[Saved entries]
=== Section Start ===

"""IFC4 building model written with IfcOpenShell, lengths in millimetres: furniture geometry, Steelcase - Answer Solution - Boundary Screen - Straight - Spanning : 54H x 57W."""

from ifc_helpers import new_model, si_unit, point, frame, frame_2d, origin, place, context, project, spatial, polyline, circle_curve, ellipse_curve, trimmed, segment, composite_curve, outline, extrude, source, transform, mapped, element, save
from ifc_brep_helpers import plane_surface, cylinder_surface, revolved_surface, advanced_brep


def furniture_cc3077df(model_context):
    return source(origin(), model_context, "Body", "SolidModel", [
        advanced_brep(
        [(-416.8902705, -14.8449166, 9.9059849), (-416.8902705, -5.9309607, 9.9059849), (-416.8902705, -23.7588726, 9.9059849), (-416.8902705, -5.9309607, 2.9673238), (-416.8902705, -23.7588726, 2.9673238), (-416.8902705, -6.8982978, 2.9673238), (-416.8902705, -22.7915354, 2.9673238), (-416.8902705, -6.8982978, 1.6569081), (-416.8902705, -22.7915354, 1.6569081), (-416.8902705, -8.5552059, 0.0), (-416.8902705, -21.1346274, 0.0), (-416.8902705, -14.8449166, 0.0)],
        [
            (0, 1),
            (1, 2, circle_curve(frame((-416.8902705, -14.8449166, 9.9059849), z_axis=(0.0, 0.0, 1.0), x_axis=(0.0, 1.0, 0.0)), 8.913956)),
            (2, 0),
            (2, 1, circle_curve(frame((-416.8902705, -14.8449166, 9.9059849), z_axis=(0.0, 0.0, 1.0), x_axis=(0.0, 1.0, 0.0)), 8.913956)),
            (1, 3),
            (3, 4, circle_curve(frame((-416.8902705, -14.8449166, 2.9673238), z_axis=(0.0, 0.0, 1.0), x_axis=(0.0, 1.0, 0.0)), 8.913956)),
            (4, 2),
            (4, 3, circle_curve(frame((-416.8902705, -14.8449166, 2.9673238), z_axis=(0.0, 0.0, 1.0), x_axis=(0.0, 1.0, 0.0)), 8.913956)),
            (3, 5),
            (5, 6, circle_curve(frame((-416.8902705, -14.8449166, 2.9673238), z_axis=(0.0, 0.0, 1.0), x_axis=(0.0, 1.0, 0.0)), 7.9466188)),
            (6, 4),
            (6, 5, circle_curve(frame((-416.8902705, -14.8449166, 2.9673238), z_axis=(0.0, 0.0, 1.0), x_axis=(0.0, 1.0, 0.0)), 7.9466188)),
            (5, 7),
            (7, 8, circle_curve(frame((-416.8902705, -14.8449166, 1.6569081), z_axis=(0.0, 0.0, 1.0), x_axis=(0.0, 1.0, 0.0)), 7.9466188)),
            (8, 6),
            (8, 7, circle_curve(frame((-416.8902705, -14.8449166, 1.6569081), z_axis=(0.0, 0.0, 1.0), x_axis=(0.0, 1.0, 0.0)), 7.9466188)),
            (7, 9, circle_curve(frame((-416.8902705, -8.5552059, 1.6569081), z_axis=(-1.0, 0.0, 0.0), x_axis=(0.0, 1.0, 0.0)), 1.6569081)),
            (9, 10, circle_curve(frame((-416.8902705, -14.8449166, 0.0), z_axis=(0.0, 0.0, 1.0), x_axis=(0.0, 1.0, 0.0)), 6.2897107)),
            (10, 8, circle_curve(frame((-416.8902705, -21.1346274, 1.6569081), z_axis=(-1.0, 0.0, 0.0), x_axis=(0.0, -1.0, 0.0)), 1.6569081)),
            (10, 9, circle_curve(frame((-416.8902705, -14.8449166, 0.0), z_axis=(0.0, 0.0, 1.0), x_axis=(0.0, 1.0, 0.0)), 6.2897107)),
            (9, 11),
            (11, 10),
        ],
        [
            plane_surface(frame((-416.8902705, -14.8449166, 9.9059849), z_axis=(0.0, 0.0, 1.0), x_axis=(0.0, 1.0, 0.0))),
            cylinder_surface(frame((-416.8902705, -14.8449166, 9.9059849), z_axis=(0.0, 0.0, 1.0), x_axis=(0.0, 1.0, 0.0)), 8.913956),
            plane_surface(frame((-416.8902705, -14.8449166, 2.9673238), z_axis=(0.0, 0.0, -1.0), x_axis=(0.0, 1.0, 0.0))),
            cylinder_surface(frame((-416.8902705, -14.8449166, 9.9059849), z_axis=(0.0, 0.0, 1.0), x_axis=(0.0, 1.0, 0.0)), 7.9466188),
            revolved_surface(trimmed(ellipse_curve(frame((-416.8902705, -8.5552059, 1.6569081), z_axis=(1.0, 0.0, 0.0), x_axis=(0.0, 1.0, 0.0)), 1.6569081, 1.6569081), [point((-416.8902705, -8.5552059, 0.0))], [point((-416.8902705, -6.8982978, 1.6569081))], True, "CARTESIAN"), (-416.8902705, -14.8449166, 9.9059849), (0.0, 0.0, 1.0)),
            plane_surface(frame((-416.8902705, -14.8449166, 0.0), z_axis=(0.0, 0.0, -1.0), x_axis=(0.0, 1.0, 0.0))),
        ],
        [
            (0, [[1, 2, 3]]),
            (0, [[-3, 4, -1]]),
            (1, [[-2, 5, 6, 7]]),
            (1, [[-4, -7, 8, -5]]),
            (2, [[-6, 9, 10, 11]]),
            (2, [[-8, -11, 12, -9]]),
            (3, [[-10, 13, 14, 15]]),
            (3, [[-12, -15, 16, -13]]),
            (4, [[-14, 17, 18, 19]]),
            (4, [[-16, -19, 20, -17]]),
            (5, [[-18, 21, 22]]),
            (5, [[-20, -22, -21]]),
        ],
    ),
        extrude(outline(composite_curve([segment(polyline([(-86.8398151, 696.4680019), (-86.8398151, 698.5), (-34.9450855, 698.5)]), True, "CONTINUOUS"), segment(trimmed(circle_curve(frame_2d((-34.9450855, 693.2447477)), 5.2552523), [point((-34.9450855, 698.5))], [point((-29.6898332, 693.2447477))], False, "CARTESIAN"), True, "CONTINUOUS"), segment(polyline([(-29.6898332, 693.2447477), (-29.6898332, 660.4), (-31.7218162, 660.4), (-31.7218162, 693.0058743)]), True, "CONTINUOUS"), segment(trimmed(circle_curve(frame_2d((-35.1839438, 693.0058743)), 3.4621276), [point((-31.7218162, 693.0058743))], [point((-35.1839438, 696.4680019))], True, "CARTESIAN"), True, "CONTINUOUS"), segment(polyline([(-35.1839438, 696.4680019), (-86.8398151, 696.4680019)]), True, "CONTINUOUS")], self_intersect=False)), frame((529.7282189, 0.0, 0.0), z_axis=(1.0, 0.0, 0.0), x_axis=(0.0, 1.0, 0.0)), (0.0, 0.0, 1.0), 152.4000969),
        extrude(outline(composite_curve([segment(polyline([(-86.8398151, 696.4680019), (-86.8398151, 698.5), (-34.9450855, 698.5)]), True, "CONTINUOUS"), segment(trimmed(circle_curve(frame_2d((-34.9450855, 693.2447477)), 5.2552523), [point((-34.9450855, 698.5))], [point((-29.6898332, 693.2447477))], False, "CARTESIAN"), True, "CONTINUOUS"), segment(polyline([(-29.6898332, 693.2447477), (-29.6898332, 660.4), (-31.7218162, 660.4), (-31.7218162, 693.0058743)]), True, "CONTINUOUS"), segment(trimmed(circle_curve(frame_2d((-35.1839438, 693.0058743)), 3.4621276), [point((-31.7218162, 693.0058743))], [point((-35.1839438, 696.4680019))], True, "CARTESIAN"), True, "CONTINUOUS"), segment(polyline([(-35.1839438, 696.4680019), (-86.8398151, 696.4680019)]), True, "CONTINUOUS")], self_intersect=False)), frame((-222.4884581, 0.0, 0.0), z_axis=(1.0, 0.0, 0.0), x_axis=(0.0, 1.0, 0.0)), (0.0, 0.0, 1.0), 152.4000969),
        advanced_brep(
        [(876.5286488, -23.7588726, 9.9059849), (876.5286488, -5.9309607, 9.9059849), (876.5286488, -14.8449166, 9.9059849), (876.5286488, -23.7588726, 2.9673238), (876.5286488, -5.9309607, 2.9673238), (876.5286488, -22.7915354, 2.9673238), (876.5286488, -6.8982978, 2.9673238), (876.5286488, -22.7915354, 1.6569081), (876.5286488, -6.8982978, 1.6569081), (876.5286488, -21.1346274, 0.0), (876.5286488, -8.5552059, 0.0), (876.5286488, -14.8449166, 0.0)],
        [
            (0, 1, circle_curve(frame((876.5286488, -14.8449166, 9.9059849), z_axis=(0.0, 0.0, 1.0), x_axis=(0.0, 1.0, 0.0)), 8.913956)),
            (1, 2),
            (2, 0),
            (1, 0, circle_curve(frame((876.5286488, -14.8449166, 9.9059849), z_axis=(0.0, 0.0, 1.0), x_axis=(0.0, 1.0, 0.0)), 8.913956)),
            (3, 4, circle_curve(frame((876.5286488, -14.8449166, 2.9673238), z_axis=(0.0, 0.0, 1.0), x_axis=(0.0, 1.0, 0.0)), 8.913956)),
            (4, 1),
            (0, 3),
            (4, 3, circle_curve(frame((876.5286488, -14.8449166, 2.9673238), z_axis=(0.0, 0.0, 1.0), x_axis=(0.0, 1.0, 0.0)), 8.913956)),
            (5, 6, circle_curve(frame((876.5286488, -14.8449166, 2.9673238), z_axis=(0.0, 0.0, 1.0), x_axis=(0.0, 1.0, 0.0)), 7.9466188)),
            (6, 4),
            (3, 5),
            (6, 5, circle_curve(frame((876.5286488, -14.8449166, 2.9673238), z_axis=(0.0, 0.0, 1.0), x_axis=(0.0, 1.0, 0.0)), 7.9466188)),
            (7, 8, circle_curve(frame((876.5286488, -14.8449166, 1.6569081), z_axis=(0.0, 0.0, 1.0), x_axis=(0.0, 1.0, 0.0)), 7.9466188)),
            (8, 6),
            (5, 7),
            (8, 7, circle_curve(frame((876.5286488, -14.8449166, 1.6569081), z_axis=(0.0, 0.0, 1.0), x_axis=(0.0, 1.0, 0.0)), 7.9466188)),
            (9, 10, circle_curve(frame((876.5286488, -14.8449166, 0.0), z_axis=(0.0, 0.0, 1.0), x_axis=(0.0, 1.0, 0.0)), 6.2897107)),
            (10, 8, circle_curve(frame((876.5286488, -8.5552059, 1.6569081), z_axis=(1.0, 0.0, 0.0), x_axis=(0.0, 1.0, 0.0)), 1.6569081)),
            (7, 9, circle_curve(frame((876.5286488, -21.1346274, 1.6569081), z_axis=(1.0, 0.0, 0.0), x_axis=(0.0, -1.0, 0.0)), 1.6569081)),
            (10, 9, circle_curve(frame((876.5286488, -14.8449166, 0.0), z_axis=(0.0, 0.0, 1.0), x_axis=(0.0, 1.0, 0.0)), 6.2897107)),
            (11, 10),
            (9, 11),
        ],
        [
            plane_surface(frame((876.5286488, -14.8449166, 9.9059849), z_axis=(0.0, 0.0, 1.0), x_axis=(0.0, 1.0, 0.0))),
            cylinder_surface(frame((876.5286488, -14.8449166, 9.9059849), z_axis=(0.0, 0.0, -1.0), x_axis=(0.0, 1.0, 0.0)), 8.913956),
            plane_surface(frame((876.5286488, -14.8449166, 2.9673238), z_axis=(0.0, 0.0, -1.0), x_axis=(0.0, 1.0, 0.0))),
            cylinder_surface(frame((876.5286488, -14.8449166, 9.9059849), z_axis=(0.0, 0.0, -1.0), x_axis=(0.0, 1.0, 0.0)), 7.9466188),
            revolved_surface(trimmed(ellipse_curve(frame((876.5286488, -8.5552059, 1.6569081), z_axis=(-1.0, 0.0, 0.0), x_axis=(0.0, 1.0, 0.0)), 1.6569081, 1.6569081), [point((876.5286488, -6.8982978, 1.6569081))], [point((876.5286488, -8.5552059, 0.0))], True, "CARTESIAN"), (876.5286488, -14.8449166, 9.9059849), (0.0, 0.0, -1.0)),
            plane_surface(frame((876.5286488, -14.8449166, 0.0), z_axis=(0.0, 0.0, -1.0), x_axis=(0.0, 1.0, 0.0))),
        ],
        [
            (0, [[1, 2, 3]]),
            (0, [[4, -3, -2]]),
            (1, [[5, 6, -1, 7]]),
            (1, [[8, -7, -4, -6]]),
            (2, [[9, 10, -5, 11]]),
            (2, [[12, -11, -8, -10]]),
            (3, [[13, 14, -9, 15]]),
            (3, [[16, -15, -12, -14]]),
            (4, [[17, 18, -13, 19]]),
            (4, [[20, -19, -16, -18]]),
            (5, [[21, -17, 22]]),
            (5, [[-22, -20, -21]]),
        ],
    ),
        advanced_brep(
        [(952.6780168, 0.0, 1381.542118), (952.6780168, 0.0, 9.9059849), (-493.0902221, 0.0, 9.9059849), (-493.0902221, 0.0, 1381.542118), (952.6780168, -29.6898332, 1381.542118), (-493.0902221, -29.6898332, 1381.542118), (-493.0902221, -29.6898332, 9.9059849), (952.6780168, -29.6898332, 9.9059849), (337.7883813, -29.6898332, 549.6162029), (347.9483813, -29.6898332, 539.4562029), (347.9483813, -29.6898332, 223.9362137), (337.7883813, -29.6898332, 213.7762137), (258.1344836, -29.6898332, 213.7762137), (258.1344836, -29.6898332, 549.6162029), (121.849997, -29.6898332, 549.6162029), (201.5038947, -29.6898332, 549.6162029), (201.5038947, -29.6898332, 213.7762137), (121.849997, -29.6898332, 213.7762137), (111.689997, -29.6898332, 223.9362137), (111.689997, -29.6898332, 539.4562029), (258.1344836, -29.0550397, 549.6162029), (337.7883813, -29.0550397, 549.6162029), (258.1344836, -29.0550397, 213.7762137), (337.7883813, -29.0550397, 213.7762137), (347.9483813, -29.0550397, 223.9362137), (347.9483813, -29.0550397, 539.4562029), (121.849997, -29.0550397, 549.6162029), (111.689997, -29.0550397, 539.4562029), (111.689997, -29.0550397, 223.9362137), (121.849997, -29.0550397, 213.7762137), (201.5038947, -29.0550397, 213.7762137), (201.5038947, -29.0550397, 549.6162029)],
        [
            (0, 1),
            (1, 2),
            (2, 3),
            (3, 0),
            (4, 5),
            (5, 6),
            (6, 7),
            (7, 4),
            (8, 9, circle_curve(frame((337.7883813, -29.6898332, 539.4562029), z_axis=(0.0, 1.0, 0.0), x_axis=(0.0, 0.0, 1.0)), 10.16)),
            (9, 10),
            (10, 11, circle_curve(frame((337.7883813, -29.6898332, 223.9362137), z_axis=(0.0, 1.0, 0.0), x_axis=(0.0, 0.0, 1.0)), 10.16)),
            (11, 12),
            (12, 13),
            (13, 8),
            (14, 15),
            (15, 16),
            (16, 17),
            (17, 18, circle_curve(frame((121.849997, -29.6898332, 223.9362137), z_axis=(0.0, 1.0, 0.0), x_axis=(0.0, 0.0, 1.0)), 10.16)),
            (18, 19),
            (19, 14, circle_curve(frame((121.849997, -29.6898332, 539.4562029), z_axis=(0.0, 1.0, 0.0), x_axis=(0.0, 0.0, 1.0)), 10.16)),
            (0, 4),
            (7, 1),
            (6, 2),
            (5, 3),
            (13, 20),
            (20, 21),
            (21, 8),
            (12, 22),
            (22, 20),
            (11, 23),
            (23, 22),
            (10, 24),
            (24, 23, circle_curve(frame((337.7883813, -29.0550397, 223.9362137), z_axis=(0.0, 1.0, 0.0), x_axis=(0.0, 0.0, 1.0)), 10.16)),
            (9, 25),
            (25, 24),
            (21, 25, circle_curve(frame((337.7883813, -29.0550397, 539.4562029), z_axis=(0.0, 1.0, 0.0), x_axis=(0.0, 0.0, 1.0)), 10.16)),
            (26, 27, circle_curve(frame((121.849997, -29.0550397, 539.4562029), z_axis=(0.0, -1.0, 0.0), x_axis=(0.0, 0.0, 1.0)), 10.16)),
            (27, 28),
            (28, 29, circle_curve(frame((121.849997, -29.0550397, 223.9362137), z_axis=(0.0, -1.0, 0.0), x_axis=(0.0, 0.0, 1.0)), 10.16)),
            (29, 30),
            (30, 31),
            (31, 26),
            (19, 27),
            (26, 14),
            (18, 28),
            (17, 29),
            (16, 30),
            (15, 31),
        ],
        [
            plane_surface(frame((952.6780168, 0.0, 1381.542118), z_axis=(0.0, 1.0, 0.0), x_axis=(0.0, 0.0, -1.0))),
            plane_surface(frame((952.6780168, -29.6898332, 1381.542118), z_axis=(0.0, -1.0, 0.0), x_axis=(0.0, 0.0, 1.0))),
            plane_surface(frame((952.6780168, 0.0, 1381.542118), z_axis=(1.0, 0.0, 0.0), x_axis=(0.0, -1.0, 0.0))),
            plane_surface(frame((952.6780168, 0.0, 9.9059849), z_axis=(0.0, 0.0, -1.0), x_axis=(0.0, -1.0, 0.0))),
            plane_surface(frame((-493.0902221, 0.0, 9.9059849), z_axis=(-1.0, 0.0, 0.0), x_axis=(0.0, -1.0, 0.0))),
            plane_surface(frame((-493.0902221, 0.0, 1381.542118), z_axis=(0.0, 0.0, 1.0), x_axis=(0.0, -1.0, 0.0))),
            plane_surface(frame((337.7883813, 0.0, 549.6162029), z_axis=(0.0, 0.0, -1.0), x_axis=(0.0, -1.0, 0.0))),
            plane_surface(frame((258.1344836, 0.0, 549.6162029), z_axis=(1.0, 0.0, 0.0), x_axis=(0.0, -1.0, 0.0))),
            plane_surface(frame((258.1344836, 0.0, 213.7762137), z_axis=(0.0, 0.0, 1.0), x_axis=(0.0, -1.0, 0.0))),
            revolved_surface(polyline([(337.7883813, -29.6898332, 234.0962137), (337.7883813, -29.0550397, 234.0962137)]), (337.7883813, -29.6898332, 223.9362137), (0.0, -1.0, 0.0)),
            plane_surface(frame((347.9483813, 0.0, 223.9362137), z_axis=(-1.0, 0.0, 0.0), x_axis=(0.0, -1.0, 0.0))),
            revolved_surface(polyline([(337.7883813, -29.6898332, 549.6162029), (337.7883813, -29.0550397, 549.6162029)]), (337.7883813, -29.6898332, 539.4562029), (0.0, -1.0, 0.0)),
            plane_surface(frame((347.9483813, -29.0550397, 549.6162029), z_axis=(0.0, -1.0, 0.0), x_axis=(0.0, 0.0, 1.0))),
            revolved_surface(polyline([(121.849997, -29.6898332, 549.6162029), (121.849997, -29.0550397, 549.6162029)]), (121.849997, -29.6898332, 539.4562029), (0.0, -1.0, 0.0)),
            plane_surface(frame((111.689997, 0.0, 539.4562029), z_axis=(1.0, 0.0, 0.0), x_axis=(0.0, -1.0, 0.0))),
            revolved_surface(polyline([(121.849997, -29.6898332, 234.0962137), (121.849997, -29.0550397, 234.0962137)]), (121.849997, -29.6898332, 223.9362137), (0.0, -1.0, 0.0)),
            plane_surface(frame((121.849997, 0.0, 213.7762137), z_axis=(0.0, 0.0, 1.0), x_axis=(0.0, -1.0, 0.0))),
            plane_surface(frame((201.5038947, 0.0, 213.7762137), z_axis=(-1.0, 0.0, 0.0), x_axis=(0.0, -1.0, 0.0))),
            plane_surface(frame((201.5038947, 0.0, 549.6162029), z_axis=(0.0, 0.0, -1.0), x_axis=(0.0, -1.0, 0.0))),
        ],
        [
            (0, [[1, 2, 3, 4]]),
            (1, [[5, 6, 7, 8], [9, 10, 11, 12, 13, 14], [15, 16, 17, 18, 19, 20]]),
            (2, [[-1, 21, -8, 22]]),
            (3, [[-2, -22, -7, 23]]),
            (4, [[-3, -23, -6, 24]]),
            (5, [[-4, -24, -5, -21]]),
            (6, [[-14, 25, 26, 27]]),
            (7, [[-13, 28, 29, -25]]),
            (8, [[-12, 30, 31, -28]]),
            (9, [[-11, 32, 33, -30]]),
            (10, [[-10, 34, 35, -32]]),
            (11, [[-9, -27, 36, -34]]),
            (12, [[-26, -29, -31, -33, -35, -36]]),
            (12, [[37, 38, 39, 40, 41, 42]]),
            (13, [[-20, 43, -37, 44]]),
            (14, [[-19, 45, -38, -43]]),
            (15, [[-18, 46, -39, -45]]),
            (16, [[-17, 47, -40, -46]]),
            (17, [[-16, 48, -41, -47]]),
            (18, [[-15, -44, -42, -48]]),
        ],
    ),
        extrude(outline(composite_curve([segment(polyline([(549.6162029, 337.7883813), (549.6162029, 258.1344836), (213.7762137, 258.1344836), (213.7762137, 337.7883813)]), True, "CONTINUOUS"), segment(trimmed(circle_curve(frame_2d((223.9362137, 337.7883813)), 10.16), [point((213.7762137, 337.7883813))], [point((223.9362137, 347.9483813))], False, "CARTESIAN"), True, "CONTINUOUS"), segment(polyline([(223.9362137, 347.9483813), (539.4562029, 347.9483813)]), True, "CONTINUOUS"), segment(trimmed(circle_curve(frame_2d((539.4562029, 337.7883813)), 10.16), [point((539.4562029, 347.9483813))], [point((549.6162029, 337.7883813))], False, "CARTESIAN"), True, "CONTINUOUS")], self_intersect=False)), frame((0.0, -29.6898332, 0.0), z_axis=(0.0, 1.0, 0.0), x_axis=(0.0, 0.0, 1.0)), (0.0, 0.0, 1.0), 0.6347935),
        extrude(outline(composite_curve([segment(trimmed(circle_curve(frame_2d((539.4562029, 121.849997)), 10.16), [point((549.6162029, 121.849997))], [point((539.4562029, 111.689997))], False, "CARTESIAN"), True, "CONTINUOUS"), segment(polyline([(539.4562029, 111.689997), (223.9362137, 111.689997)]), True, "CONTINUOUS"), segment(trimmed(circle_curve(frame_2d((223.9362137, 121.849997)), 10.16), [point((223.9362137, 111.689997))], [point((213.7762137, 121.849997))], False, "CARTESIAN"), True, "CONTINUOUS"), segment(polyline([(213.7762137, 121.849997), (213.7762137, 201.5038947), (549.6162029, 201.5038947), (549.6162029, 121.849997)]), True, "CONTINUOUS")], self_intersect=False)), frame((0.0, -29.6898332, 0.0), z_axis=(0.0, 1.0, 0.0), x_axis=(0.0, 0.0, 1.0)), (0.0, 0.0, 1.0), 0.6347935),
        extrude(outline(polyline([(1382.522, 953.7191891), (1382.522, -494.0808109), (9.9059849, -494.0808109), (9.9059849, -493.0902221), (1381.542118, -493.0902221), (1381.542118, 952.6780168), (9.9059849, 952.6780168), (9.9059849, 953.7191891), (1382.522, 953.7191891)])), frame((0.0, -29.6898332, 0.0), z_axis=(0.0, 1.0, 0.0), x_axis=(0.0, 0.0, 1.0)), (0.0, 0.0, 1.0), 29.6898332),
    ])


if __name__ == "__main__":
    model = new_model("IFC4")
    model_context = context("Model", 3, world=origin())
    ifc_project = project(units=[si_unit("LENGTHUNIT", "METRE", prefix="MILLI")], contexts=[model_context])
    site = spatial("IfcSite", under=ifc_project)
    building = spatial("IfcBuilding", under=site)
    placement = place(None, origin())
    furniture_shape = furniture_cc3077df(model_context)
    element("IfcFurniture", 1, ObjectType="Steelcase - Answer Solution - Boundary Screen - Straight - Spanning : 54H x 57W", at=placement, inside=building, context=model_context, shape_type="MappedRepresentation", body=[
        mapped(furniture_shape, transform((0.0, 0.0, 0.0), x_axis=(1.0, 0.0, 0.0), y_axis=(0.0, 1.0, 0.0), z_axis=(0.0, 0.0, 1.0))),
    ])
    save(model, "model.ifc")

=== Section End ===

## WHAT THE TASK REQUIRES
In the records above, find each line holding "element" and copy it.

## RESULT FOR THIS EXERCISE
from ifc_helpers import new_model, si_unit, point, frame, frame_2d, origin, place, context, project, spatial, polyline, circle_curve, ellipse_curve, trimmed, segment, composite_curve, outline, extrude, source, transform, mapped, element, save
    element("IfcFurniture", 1, ObjectType="Steelcase - Answer Solution - Boundary Screen - Straight - Spanning : 54H x 57W", at=placement, inside=building, context=model_context, shape_type="MappedRepresentation", body=[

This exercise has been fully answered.